* **Your objective**
Among the entries below, only the lines starting at the one with "#2299 = CARTESIAN_POINT" and ending at the one with "#2473 = ORIENTED_EDGE", both included, are to be printed exactly.

Data extracted from a collection:
****************************************
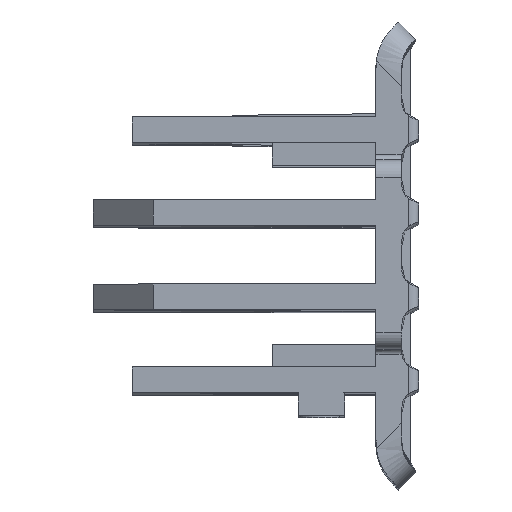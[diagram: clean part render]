
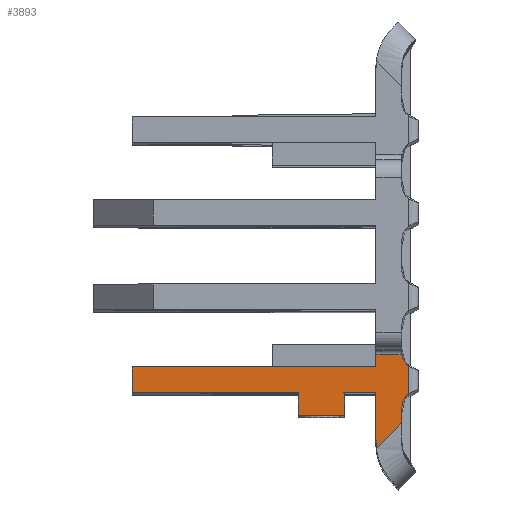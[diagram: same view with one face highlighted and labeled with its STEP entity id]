
A CAD part, top view. The second image highlights one B-rep face of the part: STEP entity #3893.
In plain terms, the highlighted planar face has unit normal (0, 0, 1).
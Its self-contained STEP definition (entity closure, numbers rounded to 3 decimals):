
#13 = DIRECTION ( 'NONE',  ( 1., 0., 0. ) ) ;
#24 = CARTESIAN_POINT ( 'NONE',  ( -60.002, 22.5, 39. ) ) ;
#135 = DIRECTION ( 'NONE',  ( -0.7, -0.714, 0. ) ) ;
#213 = CARTESIAN_POINT ( 'NONE',  ( 59.517, 3.899, 39. ) ) ;
#331 = EDGE_CURVE ( 'NONE', #6167, #7164, #6112, .T. ) ;
#425 = VERTEX_POINT ( 'NONE', #3500 ) ;
#532 = EDGE_CURVE ( 'NONE', #425, #1051, #3126, .T. ) ;
#571 = ORIENTED_EDGE ( 'NONE', *, *, #2983, .F. ) ;
#681 = CARTESIAN_POINT ( 'NONE',  ( 61.4, 8.565, 39. ) ) ;
#941 = CARTESIAN_POINT ( 'NONE',  ( 61.15, 6.712, 39. ) ) ;
#964 = LINE ( 'NONE', #5790, #1370 ) ;
#1004 = EDGE_CURVE ( 'NONE', #7007, #3299, #6268, .T. ) ;
#1051 = VERTEX_POINT ( 'NONE', #7534 ) ;
#1111 = CARTESIAN_POINT ( 'NONE',  ( 45.398, 8.5, 39. ) ) ;
#1138 = B_SPLINE_CURVE_WITH_KNOTS ( 'NONE', 3,
 ( #2213, #213, #2855, #5335, #3415 ),
 .UNSPECIFIED., .F., .F.,
 ( 4, 1, 4 ),
 ( 0., 0.379, 1. ),
 .UNSPECIFIED. ) ;
#1299 = CARTESIAN_POINT ( 'NONE',  ( 61.327, 8.619, 39. ) ) ;
#1365 = ORIENTED_EDGE ( 'NONE', *, *, #5298, .F. ) ;
#1370 = VECTOR ( 'NONE', #7092, 1000. ) ;
#1372 = CARTESIAN_POINT ( 'NONE',  ( 61.15, 8.788, 39. ) ) ;
#1464 = CARTESIAN_POINT ( 'NONE',  ( 61.4, 6.935, 39. ) ) ;
#1513 = CARTESIAN_POINT ( 'NONE',  ( 57.7, 7., 39. ) ) ;
#1652 = DIRECTION ( 'NONE',  ( 0., 1., 0. ) ) ;
#1653 = VECTOR ( 'NONE', #1652, 1000. ) ;
#1688 = CARTESIAN_POINT ( 'NONE',  ( 59.534, 3.76, 39. ) ) ;
#1694 = LINE ( 'NONE', #2299, #1653 ) ;
#1713 = CARTESIAN_POINT ( 'NONE',  ( 61., 5.256, 39. ) ) ;
#1779 = VECTOR ( 'NONE', #7645, 1000. ) ;
#1799 = EDGE_CURVE ( 'NONE', #6291, #3067, #5991, .T. ) ;
#1807 = ORIENTED_EDGE ( 'NONE', *, *, #5059, .T. ) ;
#1835 = CARTESIAN_POINT ( 'NONE',  ( 45.398, 7., 39. ) ) ;
#1887 = LINE ( 'NONE', #4397, #4359 ) ;
#1907 = CARTESIAN_POINT ( 'NONE',  ( 61., 5.256, 39. ) ) ;
#2100 = ORIENTED_EDGE ( 'NONE', *, *, #4943, .T. ) ;
#2184 = DIRECTION ( 'NONE',  ( 0., -1., 0. ) ) ;
#2213 = CARTESIAN_POINT ( 'NONE',  ( 59.534, 3.76, 39. ) ) ;
#2284 = VECTOR ( 'NONE', #135, 1000. ) ;
#2299 = CARTESIAN_POINT ( 'NONE',  ( 59.5, 4.5, 39. ) ) ;
#2369 = CARTESIAN_POINT ( 'NONE',  ( 59.5, 9.2, 39. ) ) ;
#2393 = CARTESIAN_POINT ( 'NONE',  ( 59.5, 4.5, 39. ) ) ;
#2399 = CARTESIAN_POINT ( 'NONE',  ( 59.5, 8.5, 39. ) ) ;
#2443 = DIRECTION ( 'NONE',  ( -1., 0., 0. ) ) ;
#2473 = ORIENTED_EDGE ( 'NONE', *, *, #5895, .T. ) ;
#2661 = CARTESIAN_POINT ( 'NONE',  ( 59.5, 7., 39. ) ) ;
#2781 = CARTESIAN_POINT ( 'NONE',  ( 55.022, 7., 39. ) ) ;
#2797 = LINE ( 'NONE', #4460, #3599 ) ;
#2799 = CARTESIAN_POINT ( 'NONE',  ( 57.7, 7., 39. ) ) ;
#2855 = CARTESIAN_POINT ( 'NONE',  ( 59.497, 4.226, 39. ) ) ;
#2928 = CARTESIAN_POINT ( 'NONE',  ( 57.7, 7., 39. ) ) ;
#2946 = VECTOR ( 'NONE', #4973, 1000. ) ;
#2983 = EDGE_CURVE ( 'NONE', #4562, #6291, #964, .T. ) ;
#3067 = VERTEX_POINT ( 'NONE', #7220 ) ;
#3088 = ORIENTED_EDGE ( 'NONE', *, *, #6236, .F. ) ;
#3103 = FACE_OUTER_BOUND ( 'NONE', #4129, .T. ) ;
#3126 = LINE ( 'NONE', #6833, #4428 ) ;
#3256 = VECTOR ( 'NONE', #7899, 1000. ) ;
#3278 = LINE ( 'NONE', #2799, #5143 ) ;
#3299 = VERTEX_POINT ( 'NONE', #1688 ) ;
#3362 = DIRECTION ( 'NONE',  ( 1., 0., 0. ) ) ;
#3415 = CARTESIAN_POINT ( 'NONE',  ( 59.5, 4.5, 39. ) ) ;
#3423 = CARTESIAN_POINT ( 'NONE',  ( 61., 5.858, 39. ) ) ;
#3500 = CARTESIAN_POINT ( 'NONE',  ( 55.022, 5.7, 39. ) ) ;
#3535 = VERTEX_POINT ( 'NONE', #3817 ) ;
#3599 = VECTOR ( 'NONE', #4020, 1000. ) ;
#3720 = CARTESIAN_POINT ( 'NONE',  ( 45.398, 8.5, 39. ) ) ;
#3792 = CARTESIAN_POINT ( 'NONE',  ( 61.4, 8.565, 39. ) ) ;
#3817 = CARTESIAN_POINT ( 'NONE',  ( 55.022, 7., 39. ) ) ;
#3821 = CARTESIAN_POINT ( 'NONE',  ( 61., 5.256, 39. ) ) ;
#3893 = ADVANCED_FACE ( 'NONE', ( #3103 ), #7459, .T. ) ;
#3918 = ORIENTED_EDGE ( 'NONE', *, *, #4254, .T. ) ;
#4020 = DIRECTION ( 'NONE',  ( -1., 0., 0. ) ) ;
#4066 = ORIENTED_EDGE ( 'NONE', *, *, #331, .T. ) ;
#4129 = EDGE_LOOP ( 'NONE', ( #1365, #6657, #5371, #7458, #7407, #2100, #4853, #3088, #5211, #571, #3918, #2473, #4066, #6774, #1807, #7654 ) ) ;
#4244 = AXIS2_PLACEMENT_3D ( 'NONE', #24, #6772, #4934 ) ;
#4254 = EDGE_CURVE ( 'NONE', #4562, #7302, #1887, .T. ) ;
#4359 = VECTOR ( 'NONE', #6879, 1000. ) ;
#4397 = CARTESIAN_POINT ( 'NONE',  ( 59.5, 9.2, 39. ) ) ;
#4428 = VECTOR ( 'NONE', #13, 1000. ) ;
#4460 = CARTESIAN_POINT ( 'NONE',  ( 55.022, 7., 39. ) ) ;
#4485 = LINE ( 'NONE', #1907, #6312 ) ;
#4562 = VERTEX_POINT ( 'NONE', #2369 ) ;
#4565 = LINE ( 'NONE', #2781, #8010 ) ;
#4853 = ORIENTED_EDGE ( 'NONE', *, *, #7950, .F. ) ;
#4934 = DIRECTION ( 'NONE',  ( 1., 0., 0. ) ) ;
#4943 = EDGE_CURVE ( 'NONE', #7007, #6285, #4485, .T. ) ;
#4973 = DIRECTION ( 'NONE',  ( 0., -1., 0. ) ) ;
#5025 = CARTESIAN_POINT ( 'NONE',  ( 61.058, 9.031, 39. ) ) ;
#5059 = EDGE_CURVE ( 'NONE', #3535, #425, #4565, .T. ) ;
#5127 = LINE ( 'NONE', #3792, #2946 ) ;
#5143 = VECTOR ( 'NONE', #3362, 1000. ) ;
#5211 = ORIENTED_EDGE ( 'NONE', *, *, #1799, .F. ) ;
#5281 = CARTESIAN_POINT ( 'NONE',  ( 61.327, 6.881, 39. ) ) ;
#5298 = EDGE_CURVE ( 'NONE', #5440, #1051, #6888, .T. ) ;
#5335 = CARTESIAN_POINT ( 'NONE',  ( 59.5, 4.433, 39. ) ) ;
#5341 = CARTESIAN_POINT ( 'NONE',  ( 61.027, 9.2, 39. ) ) ;
#5371 = ORIENTED_EDGE ( 'NONE', *, *, #6373, .F. ) ;
#5440 = VERTEX_POINT ( 'NONE', #2928 ) ;
#5790 = CARTESIAN_POINT ( 'NONE',  ( 59.5, 9.2, 39. ) ) ;
#5886 = CARTESIAN_POINT ( 'NONE',  ( 61., 5.858, 39. ) ) ;
#5895 = EDGE_CURVE ( 'NONE', #7302, #6167, #7928, .T. ) ;
#5920 = VERTEX_POINT ( 'NONE', #6210 ) ;
#5963 = B_SPLINE_CURVE_WITH_KNOTS ( 'NONE', 3,
 ( #1464, #5281, #941, #6542, #7637, #5886 ),
 .UNSPECIFIED., .F., .F.,
 ( 4, 1, 1, 4 ),
 ( 0., 0.227, 0.613, 1. ),
 .UNSPECIFIED. ) ;
#5991 = B_SPLINE_CURVE_WITH_KNOTS ( 'NONE', 3,
 ( #6865, #6212, #5025, #1372, #1299, #681 ),
 .UNSPECIFIED., .F., .F.,
 ( 4, 1, 1, 4 ),
 ( 0., 0.03, 0.641, 1. ),
 .UNSPECIFIED. ) ;
#5993 = VERTEX_POINT ( 'NONE', #2661 ) ;
#6112 = LINE ( 'NONE', #1111, #3256 ) ;
#6167 = VERTEX_POINT ( 'NONE', #3720 ) ;
#6210 = CARTESIAN_POINT ( 'NONE',  ( 61.4, 6.935, 39. ) ) ;
#6212 = CARTESIAN_POINT ( 'NONE',  ( 61.029, 9.192, 39. ) ) ;
#6236 = EDGE_CURVE ( 'NONE', #3067, #5920, #5127, .T. ) ;
#6268 = LINE ( 'NONE', #3821, #2284 ) ;
#6285 = VERTEX_POINT ( 'NONE', #3423 ) ;
#6291 = VERTEX_POINT ( 'NONE', #5341 ) ;
#6312 = VECTOR ( 'NONE', #7013, 1000. ) ;
#6373 = EDGE_CURVE ( 'NONE', #7442, #5993, #1694, .T. ) ;
#6542 = CARTESIAN_POINT ( 'NONE',  ( 61.005, 6.328, 39. ) ) ;
#6657 = ORIENTED_EDGE ( 'NONE', *, *, #7940, .T. ) ;
#6695 = CARTESIAN_POINT ( 'NONE',  ( 59.5, 8.5, 39. ) ) ;
#6772 = DIRECTION ( 'NONE',  ( 0., 0., 1. ) ) ;
#6774 = ORIENTED_EDGE ( 'NONE', *, *, #6892, .F. ) ;
#6833 = CARTESIAN_POINT ( 'NONE',  ( 55.022, 5.7, 39. ) ) ;
#6865 = CARTESIAN_POINT ( 'NONE',  ( 61.027, 9.2, 39. ) ) ;
#6879 = DIRECTION ( 'NONE',  ( 0., -1., 0. ) ) ;
#6888 = LINE ( 'NONE', #1513, #1779 ) ;
#6892 = EDGE_CURVE ( 'NONE', #3535, #7164, #2797, .T. ) ;
#7007 = VERTEX_POINT ( 'NONE', #1713 ) ;
#7013 = DIRECTION ( 'NONE',  ( 0., 1., 0. ) ) ;
#7092 = DIRECTION ( 'NONE',  ( 1., 0., 0. ) ) ;
#7164 = VERTEX_POINT ( 'NONE', #1835 ) ;
#7220 = CARTESIAN_POINT ( 'NONE',  ( 61.4, 8.565, 39. ) ) ;
#7302 = VERTEX_POINT ( 'NONE', #6695 ) ;
#7361 = VECTOR ( 'NONE', #2443, 1000. ) ;
#7407 = ORIENTED_EDGE ( 'NONE', *, *, #1004, .F. ) ;
#7442 = VERTEX_POINT ( 'NONE', #2393 ) ;
#7458 = ORIENTED_EDGE ( 'NONE', *, *, #7536, .F. ) ;
#7459 = PLANE ( 'NONE',  #4244 ) ;
#7534 = CARTESIAN_POINT ( 'NONE',  ( 57.7, 5.7, 39. ) ) ;
#7536 = EDGE_CURVE ( 'NONE', #3299, #7442, #1138, .T. ) ;
#7637 = CARTESIAN_POINT ( 'NONE',  ( 61., 6.011, 39. ) ) ;
#7645 = DIRECTION ( 'NONE',  ( 0., -1., 0. ) ) ;
#7654 = ORIENTED_EDGE ( 'NONE', *, *, #532, .T. ) ;
#7899 = DIRECTION ( 'NONE',  ( 0., -1., 0. ) ) ;
#7928 = LINE ( 'NONE', #2399, #7361 ) ;
#7940 = EDGE_CURVE ( 'NONE', #5440, #5993, #3278, .T. ) ;
#7950 = EDGE_CURVE ( 'NONE', #5920, #6285, #5963, .T. ) ;
#8010 = VECTOR ( 'NONE', #2184, 1000. ) ;
****************************************
* **Reply to the task**
#2299 = CARTESIAN_POINT ( 'NONE',  ( 59.5, 4.5, 39. ) ) ;
#2369 = CARTESIAN_POINT ( 'NONE',  ( 59.5, 9.2, 39. ) ) ;
#2393 = CARTESIAN_POINT ( 'NONE',  ( 59.5, 4.5, 39. ) ) ;
#2399 = CARTESIAN_POINT ( 'NONE',  ( 59.5, 8.5, 39. ) ) ;
#2443 = DIRECTION ( 'NONE',  ( -1., 0., 0. ) ) ;
#2473 = ORIENTED_EDGE ( 'NONE', *, *, #5895, .T. ) ;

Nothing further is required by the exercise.